Elfster
- Website type: social shopping, social networking, wishlists
- Available in: English
- Owner: Peter Imburg
- Website: http://www.elfster.com
- Commercial: No
- Registration: required
- Launched: 2004
- Content license: proprietary

= Elfster =

Social networking software for gift exchanges

Elfster is a proprietary software application providing social networking features related to "secret Santa" style gift exchanges. It is available, without charge, as software as a service, via a website and via mobile apps for iOS and Android.

The website's features include a universal wishlist, an anonymous Q&A section, personalized gift recommendations, activity updates, and forum discussions. The company is headquartered in Delaware, United States.

==History==
Elfster was founded by software engineer Peter Imburg in 2004 after hearing about the difficulty his wife and sister had when trying to organize a Secret Santa for their family.

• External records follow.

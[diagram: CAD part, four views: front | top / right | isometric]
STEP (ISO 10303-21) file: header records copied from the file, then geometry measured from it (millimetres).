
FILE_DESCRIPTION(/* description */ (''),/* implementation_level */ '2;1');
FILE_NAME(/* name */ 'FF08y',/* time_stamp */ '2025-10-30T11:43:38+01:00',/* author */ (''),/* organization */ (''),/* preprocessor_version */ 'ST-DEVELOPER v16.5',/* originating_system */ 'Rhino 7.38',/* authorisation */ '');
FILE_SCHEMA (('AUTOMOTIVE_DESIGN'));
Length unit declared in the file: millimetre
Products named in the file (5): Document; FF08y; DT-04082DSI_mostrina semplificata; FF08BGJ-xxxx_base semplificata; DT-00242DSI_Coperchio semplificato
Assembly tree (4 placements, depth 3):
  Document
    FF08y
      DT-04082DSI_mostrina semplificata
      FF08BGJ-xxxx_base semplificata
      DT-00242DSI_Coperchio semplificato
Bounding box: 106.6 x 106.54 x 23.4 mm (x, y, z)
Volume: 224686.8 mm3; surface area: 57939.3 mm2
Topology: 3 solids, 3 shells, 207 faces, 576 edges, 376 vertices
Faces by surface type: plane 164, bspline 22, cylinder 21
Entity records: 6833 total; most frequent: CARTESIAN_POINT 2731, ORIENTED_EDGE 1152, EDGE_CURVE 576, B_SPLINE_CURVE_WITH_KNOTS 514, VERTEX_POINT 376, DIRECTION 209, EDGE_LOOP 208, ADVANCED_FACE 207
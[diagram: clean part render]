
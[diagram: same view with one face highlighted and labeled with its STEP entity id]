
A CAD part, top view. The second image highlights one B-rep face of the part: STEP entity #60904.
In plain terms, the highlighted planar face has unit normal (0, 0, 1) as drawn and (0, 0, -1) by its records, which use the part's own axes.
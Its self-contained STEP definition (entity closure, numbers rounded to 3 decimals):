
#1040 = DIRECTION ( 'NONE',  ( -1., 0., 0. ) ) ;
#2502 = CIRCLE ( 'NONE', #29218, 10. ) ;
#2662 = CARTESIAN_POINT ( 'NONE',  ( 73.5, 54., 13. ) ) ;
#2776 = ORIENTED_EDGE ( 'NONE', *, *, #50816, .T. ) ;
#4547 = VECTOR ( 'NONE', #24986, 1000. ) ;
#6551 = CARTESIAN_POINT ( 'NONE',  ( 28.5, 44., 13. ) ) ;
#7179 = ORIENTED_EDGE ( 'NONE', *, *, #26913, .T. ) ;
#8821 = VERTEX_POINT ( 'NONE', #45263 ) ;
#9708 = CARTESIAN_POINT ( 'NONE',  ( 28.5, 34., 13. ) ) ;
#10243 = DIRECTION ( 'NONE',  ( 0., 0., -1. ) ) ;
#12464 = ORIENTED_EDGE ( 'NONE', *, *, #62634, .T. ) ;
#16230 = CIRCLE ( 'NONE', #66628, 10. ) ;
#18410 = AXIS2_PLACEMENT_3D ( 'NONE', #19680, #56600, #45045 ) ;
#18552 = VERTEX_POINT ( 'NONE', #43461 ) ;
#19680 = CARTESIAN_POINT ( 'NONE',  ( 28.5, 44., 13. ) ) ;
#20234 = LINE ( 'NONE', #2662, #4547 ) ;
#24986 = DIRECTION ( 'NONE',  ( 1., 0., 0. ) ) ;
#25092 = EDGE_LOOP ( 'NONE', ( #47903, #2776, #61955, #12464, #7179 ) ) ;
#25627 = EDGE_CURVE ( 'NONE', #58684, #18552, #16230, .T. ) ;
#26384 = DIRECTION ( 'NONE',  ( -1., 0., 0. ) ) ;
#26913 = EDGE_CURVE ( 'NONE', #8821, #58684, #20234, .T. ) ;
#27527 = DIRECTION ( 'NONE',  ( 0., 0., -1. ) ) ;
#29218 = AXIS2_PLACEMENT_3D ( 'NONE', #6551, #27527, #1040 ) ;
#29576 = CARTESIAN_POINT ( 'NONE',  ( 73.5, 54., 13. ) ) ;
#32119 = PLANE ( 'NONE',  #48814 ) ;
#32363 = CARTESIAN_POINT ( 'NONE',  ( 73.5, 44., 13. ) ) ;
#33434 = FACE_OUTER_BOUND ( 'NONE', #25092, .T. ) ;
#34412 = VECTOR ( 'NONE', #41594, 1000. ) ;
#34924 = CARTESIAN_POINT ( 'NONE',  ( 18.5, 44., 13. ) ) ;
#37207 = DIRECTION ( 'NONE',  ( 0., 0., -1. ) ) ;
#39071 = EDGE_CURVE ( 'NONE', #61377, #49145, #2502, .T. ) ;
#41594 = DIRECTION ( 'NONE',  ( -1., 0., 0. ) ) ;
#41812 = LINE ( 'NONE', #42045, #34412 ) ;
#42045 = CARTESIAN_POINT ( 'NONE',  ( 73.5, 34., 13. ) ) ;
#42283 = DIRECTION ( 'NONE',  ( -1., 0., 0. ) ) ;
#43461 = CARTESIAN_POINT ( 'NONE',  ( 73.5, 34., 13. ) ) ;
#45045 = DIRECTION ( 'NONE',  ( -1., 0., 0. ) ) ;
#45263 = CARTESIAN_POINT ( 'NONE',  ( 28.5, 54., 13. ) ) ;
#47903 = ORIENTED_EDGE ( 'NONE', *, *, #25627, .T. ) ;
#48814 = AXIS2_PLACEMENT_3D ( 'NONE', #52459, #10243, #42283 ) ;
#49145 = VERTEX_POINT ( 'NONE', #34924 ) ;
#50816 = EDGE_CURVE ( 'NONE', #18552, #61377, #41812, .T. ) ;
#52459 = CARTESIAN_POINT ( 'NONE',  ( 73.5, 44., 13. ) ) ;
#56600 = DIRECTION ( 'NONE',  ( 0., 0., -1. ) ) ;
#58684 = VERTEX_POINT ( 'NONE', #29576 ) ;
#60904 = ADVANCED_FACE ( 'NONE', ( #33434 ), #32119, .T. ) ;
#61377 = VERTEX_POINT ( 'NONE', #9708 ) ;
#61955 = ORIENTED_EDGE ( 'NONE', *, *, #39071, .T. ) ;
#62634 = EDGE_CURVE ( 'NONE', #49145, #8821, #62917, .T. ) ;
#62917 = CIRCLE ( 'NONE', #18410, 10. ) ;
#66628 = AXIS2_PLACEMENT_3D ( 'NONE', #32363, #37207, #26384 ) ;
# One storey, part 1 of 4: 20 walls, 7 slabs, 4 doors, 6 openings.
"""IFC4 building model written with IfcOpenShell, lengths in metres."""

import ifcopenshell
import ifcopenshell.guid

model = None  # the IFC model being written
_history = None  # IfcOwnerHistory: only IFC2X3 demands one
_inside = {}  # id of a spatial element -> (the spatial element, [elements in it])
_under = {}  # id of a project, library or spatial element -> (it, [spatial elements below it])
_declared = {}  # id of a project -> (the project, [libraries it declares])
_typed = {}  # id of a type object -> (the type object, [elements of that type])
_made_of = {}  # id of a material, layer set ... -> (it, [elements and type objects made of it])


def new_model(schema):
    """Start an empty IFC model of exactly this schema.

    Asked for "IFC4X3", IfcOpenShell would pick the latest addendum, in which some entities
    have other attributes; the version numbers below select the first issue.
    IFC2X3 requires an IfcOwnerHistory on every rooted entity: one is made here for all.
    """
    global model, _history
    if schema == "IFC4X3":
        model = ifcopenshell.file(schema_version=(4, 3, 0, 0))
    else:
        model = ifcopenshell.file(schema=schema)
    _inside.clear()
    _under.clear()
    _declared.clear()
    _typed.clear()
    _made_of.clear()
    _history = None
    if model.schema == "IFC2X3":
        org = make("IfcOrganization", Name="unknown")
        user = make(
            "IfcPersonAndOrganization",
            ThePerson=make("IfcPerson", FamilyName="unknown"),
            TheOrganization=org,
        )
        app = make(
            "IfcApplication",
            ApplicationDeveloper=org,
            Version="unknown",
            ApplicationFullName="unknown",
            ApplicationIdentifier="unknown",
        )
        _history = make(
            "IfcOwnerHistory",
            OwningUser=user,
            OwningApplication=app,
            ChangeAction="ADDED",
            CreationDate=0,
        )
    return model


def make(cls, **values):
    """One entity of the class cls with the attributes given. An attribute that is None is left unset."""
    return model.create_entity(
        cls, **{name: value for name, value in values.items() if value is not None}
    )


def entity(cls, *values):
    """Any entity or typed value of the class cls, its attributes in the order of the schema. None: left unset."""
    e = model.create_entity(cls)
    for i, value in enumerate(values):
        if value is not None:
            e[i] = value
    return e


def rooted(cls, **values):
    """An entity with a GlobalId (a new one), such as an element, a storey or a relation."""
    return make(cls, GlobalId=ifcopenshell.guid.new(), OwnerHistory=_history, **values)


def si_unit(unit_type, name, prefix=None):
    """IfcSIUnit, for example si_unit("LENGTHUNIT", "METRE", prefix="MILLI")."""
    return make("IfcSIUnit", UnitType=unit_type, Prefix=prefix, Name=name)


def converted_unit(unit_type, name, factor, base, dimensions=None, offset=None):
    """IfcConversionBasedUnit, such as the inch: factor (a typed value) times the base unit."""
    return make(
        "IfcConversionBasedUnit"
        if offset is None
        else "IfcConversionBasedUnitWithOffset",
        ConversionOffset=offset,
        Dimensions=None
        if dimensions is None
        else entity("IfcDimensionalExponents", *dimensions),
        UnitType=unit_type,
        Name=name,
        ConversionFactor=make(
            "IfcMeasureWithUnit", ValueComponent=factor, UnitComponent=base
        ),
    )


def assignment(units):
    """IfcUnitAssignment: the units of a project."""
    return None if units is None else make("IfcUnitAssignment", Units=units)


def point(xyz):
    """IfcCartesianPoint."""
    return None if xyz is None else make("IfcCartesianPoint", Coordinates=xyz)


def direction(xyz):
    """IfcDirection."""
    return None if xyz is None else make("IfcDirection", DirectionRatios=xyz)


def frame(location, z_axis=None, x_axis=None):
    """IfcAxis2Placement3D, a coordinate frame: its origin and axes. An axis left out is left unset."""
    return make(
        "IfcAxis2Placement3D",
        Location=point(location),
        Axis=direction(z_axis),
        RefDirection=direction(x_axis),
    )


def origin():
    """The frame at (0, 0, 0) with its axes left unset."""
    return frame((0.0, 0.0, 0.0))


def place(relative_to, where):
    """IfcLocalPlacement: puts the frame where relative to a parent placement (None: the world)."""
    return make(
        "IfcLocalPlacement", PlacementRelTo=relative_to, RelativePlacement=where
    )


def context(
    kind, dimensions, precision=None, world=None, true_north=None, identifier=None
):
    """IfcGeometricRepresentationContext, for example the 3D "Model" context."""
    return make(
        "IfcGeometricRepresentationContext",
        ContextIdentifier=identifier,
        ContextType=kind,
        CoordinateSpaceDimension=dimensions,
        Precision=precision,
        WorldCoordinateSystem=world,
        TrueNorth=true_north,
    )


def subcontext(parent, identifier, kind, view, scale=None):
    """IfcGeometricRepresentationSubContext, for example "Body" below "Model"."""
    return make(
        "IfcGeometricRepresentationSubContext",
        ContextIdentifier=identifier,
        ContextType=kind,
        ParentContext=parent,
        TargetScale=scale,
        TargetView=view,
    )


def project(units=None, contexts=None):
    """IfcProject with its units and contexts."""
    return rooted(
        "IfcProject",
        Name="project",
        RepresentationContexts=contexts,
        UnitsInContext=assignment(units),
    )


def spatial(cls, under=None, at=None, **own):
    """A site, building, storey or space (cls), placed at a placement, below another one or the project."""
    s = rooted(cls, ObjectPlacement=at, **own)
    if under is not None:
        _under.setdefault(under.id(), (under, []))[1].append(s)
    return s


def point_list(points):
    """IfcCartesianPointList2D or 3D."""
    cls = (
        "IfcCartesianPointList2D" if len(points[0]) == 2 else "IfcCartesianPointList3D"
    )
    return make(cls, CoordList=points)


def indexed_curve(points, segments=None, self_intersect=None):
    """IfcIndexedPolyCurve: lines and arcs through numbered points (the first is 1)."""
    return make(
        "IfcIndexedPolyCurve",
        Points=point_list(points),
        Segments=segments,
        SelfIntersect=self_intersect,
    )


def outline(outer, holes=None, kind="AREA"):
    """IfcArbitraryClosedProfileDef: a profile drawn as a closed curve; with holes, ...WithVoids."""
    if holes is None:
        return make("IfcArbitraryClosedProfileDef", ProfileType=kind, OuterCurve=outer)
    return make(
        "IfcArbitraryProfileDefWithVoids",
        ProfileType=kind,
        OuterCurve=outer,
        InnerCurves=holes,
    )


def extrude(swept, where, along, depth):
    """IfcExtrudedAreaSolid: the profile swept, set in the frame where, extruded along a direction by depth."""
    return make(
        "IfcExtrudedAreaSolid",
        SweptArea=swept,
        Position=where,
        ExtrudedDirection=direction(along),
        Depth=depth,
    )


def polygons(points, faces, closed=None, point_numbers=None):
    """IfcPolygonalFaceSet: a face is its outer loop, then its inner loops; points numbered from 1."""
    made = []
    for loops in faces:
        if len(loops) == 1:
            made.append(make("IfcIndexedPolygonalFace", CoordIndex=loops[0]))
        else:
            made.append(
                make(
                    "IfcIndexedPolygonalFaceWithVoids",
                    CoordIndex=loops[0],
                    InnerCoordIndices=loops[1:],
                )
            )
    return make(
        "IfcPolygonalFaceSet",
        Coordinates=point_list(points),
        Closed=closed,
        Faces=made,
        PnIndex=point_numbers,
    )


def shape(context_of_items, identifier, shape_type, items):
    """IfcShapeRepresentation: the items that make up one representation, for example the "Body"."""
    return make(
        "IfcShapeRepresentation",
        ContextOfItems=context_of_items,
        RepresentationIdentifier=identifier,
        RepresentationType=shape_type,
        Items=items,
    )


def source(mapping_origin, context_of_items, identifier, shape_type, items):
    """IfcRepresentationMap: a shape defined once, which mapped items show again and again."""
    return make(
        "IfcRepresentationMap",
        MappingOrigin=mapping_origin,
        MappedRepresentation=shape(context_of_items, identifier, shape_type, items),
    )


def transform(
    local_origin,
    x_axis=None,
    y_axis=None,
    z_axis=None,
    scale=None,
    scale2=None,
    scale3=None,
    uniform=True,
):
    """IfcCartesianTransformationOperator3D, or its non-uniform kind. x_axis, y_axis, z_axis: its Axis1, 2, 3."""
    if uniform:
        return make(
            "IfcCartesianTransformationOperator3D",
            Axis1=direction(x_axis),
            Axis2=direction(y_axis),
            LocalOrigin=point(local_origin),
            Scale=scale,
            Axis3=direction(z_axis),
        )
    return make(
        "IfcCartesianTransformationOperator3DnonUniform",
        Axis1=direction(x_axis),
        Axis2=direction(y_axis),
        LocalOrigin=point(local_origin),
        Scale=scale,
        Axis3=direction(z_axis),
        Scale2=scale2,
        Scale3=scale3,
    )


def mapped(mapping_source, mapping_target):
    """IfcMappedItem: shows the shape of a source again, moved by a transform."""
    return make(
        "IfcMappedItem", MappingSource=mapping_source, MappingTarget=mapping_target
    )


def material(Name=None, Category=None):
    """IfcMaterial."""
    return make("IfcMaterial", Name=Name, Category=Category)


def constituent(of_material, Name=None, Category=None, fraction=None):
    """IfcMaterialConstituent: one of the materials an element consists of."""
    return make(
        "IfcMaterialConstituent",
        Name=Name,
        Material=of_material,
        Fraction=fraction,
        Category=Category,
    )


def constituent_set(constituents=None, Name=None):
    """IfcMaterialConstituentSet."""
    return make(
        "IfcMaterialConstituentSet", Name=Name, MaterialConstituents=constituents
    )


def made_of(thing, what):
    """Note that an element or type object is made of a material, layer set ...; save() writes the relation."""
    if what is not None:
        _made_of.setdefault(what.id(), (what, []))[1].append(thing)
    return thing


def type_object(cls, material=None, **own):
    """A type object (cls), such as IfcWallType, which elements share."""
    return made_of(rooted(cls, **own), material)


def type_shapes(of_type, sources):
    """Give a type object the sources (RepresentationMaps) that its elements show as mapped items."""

In November 2011, the website reached 2 million members. In Christmas of the same year, the Elfster Facebook App was launched for mobile device users. The app also serves as an extension of Elfster.com's service.

==Services==
Elfster can be used to create wishlists and organize online gift exchanges. Users can find friends in Elfster, and follow their wishlists. Items can be added from any site online, and with the Elfster mobile app, bar code scanning allows items to be added on the go. When organizing an online gift exchange, Elfster draws names randomly and allows users to ask their draw partner questions anonymously - maintaining secrecy in a "high-tech way".

Elfster provides a series of tools for organizing secret gift exchanges such as automated event-organization, name pairing, draw restrictions, gift guidance, wishlists, and anonymous questions and answers.

Elfster helps with the logistics of determining who wants to participate, drawing names, and communicating the names that were drawn, while identities remain secret

In December 2009, Elfster collaborated with Claire's to create Secret Santa Circle, a temporary Secret Santa website for the jewelry retailer.

In November 2010, new features were added including trending gifts, activity updates and the ability to suggest and share gift ideas.